**PROMPT**
Work through the entries below line by line and give the number of lines with the string "MappedRepresentation", nothing else.

---------- DATA SHOWN

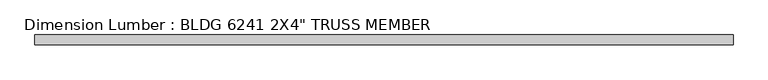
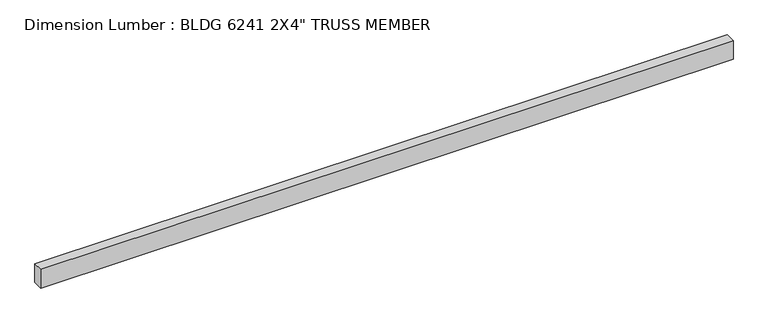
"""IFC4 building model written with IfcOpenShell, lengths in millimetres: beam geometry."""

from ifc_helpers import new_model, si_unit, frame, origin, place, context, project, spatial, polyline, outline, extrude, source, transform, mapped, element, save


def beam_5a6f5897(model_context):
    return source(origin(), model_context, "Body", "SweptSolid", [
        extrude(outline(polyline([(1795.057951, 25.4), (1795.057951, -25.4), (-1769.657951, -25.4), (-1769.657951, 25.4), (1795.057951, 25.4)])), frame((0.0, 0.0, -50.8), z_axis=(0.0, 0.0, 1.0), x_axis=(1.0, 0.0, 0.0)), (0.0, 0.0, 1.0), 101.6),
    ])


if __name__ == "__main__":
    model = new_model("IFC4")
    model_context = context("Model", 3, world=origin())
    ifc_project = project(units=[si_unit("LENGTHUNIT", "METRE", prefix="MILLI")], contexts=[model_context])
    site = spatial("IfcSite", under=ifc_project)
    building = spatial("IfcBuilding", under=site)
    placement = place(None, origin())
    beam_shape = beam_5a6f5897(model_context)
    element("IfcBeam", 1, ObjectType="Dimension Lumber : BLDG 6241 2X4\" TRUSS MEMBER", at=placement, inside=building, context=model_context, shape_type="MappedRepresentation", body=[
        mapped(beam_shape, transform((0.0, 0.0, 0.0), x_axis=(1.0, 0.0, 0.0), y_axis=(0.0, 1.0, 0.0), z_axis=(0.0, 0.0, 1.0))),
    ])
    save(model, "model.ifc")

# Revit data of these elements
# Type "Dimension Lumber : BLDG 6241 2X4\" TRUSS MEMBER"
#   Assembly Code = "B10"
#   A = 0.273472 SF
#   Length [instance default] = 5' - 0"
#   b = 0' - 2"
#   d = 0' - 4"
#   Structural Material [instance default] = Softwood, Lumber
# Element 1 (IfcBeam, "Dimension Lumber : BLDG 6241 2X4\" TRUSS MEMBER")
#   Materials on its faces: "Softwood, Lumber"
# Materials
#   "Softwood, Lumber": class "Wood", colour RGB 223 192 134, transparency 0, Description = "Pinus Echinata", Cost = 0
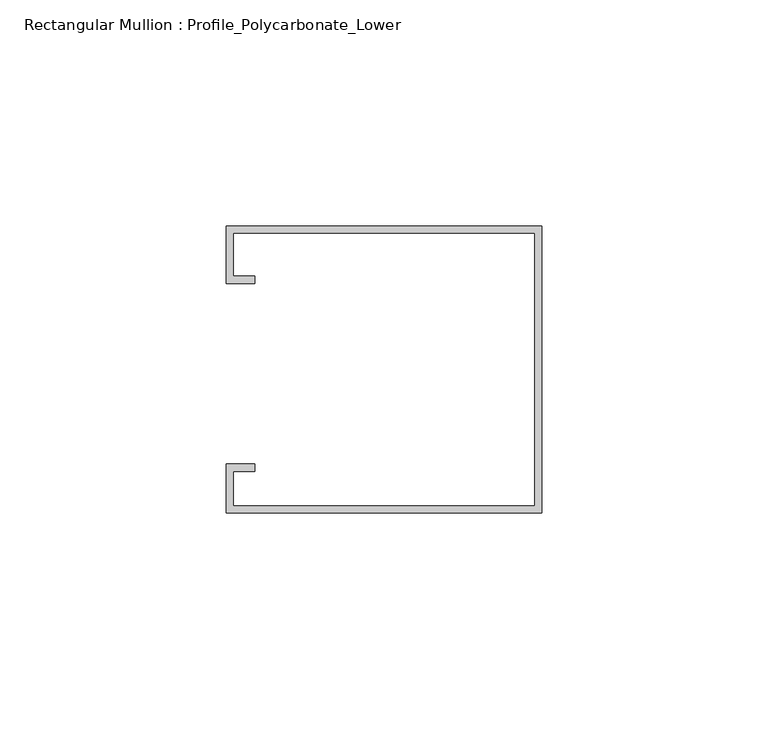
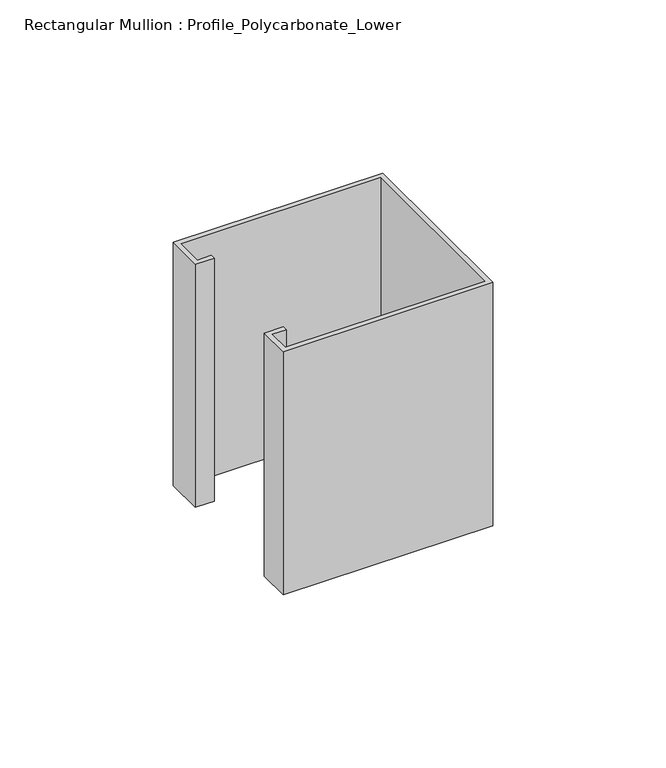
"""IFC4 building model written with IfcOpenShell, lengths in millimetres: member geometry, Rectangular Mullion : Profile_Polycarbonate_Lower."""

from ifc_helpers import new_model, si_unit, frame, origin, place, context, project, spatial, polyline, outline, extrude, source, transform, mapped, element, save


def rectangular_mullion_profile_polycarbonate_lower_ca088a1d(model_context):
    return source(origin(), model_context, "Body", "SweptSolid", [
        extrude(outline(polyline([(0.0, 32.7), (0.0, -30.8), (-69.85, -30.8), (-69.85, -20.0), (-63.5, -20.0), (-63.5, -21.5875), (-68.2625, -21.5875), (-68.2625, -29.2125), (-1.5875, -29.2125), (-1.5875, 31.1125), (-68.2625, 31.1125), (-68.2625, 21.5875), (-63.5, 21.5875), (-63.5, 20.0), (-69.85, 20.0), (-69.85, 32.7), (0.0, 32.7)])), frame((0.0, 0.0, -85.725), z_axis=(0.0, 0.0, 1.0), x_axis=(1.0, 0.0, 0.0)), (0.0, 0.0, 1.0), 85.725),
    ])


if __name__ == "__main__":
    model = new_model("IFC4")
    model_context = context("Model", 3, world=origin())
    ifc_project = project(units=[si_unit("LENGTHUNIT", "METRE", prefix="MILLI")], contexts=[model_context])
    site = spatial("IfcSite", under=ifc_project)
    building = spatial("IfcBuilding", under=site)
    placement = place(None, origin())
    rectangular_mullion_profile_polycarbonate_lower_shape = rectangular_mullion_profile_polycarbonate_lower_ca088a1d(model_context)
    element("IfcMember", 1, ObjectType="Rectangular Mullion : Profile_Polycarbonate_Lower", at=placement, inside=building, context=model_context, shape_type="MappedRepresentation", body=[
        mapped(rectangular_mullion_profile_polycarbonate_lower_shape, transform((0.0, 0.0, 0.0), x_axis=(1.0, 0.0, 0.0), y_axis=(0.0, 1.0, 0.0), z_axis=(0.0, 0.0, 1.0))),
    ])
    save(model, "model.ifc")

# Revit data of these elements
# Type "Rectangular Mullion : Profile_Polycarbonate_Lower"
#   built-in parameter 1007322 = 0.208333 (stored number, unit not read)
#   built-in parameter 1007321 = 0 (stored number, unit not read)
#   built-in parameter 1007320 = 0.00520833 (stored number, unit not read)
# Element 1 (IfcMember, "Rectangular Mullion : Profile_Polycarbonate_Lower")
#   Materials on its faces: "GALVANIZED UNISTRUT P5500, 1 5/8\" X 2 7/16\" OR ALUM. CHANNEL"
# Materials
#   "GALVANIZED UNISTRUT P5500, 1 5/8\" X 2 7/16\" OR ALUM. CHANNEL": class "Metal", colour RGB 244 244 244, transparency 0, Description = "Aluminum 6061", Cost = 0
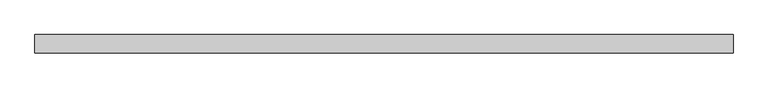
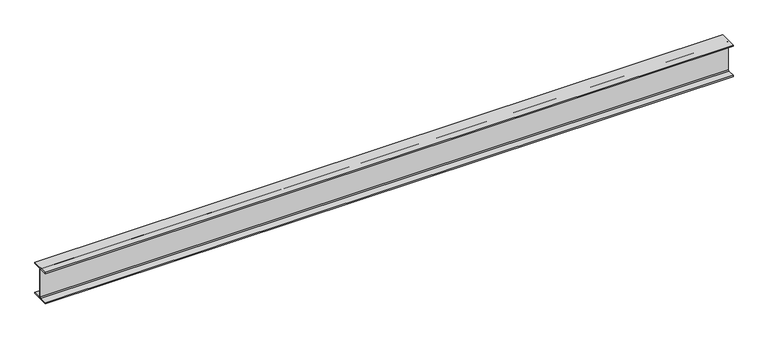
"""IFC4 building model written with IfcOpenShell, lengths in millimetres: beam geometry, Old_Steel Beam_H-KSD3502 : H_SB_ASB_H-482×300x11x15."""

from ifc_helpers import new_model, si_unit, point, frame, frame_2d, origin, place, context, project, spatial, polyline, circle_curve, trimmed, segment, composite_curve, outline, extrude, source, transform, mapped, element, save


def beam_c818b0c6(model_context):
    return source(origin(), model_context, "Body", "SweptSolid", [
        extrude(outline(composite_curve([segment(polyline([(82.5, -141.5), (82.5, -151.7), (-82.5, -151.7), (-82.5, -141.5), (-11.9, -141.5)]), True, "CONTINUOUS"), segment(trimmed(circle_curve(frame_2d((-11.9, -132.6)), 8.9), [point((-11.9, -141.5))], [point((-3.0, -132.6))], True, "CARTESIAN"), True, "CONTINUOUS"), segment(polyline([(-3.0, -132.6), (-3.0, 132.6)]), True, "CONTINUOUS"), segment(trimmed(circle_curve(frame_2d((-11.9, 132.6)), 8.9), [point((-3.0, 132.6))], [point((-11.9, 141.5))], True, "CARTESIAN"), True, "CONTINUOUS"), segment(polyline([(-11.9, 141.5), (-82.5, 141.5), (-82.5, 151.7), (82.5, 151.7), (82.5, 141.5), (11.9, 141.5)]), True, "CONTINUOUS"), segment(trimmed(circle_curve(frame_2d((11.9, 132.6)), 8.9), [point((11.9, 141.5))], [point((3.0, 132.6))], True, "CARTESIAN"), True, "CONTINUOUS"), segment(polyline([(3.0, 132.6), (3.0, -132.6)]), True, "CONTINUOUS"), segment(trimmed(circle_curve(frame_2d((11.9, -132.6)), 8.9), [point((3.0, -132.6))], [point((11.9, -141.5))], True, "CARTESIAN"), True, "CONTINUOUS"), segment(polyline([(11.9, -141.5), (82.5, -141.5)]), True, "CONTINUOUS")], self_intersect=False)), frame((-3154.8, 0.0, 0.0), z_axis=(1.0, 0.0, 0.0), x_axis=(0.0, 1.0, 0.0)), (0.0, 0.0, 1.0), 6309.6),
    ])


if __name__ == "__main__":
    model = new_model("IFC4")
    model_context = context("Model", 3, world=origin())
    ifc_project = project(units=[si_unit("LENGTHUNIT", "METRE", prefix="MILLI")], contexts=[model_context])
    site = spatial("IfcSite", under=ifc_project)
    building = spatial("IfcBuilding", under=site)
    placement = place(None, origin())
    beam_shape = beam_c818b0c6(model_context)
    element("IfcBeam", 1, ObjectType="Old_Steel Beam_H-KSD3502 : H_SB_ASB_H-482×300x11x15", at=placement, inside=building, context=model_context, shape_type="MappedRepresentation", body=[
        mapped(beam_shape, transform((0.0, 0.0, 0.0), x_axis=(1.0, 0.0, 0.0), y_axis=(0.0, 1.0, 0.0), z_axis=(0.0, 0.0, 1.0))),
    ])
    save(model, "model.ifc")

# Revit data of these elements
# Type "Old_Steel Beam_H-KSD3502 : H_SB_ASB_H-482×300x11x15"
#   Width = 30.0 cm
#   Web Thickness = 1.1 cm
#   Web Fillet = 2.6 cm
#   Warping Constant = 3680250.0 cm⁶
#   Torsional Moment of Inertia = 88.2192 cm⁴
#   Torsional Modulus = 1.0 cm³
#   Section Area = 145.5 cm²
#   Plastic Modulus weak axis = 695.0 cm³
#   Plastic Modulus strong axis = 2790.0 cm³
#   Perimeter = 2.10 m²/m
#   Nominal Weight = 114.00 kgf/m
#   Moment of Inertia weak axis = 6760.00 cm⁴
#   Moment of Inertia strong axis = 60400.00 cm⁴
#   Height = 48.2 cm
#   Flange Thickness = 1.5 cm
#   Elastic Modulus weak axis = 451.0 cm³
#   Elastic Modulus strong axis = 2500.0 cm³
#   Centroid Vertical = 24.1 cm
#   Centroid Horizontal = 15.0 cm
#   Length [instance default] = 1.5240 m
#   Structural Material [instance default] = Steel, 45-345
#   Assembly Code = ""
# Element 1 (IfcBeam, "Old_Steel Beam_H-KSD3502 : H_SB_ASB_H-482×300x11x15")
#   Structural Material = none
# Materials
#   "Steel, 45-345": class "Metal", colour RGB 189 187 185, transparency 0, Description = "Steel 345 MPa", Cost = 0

--------------------

**YOUR RESPONSE**
3